6. Create a train data config in `configs/ml/data` to link to the dataset, important are dataset_name and the right setting of atom types in the dataset.

7. Transform into a basis (to reduce dataloading computations during training), for `Graphformer` models use `local_frames_global_natrep`.

   Example: `python mldft/datagen/transform_dataset.py data=<your_train_data_config_name> data/transforms=local_frames_global_natrep`

8. Compute dataset statistics, important is to compute them for the transformation and the energy target that you want to use.

   Example: `python mldft/ml/compute_dataset_statistics.py data=<your_dataset_config_name>`

Now you can start [Training](#Training)

#### Training

Training can be run with:

```bash
python mldft/ml/train.py data=<train_data_config> model=<model_config>
```

Two important settings are

- `data/transforms`: This determines whether the data has been pre-transformed. The default is `local_frames_global_natrep` which means that both *local frames* and *global natural reparametrization* has been applied.
- `data.target_key`: The target you are training. The default is `kin_plus_xc` which means you train on the total kinetic energy and exchange-correlation energy and their gradient. Alternatives are `kin_minus_apbe` which is a delta learning approach to the kinetic energy obtained from the APBE kinetic energy functional and `tot` which means you are training on the total electronic energy.

#### Density Optimization

To run density optimization on a dataset in our format, you can run the following command:

```bash
python mldft/ofdft/run_density_optimization run_path=<path_to_ml_model> \
    n_molecules=<number_of_molecules> device=<device> initialization=<initialization> num_devices=<num_devices>
```

- `path_to_model` is the path of to the model relative to `DFT_MODELS`
- `n_molecules` the number of molecules which should be computed
- `device` the device on which the computation should run, e.g. `cuda`, `cpu`, ...
- `initialization` the initialization to use either `sad`, `minao` or `hückel`, the `sad` initialization requires appropriate dataset statistics.

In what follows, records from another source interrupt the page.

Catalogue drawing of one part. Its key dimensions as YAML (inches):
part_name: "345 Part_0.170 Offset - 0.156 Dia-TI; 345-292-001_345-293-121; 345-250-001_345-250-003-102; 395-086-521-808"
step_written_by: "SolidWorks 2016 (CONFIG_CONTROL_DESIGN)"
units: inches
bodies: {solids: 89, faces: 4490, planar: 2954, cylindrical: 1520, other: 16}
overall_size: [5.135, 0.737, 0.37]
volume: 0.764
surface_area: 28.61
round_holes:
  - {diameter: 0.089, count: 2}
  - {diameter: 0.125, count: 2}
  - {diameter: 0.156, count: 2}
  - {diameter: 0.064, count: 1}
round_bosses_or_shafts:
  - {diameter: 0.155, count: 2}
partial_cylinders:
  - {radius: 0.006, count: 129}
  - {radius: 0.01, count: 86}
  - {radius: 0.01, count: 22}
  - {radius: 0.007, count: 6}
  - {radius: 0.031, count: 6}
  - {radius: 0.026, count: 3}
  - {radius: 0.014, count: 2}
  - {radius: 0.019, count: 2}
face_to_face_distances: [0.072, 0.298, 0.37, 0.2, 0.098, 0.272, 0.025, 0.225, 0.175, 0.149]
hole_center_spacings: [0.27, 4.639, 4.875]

By default this will run on the validation set of the dataset the model was trained on, but you can overwrite `split_file_path` to use another split file and `split` to toggle between `train`, `val` and `test` splits of the dataset.
Results are plotted in the files `density_optimization.pdf` and `density_optimization_summary.pdf`.

## Additional Info

#### Build documentation

```bash
make docs
# or to build from scratch:
make docs-clean
```

#### Template

For more details about the template visit: https://github.com/ashleve/lightning-hydra-template

## Third-party licenses

This code adapts code from the following third party libraries:

- [pytorch_geometric](https://github.com/pyg-team/pytorch_geometric)
- [equiformer_v2](https://github.com/atomicarchitects/equiformer_v2)

These are distributed under the MIT license which can be found in the [license file](LICENSE).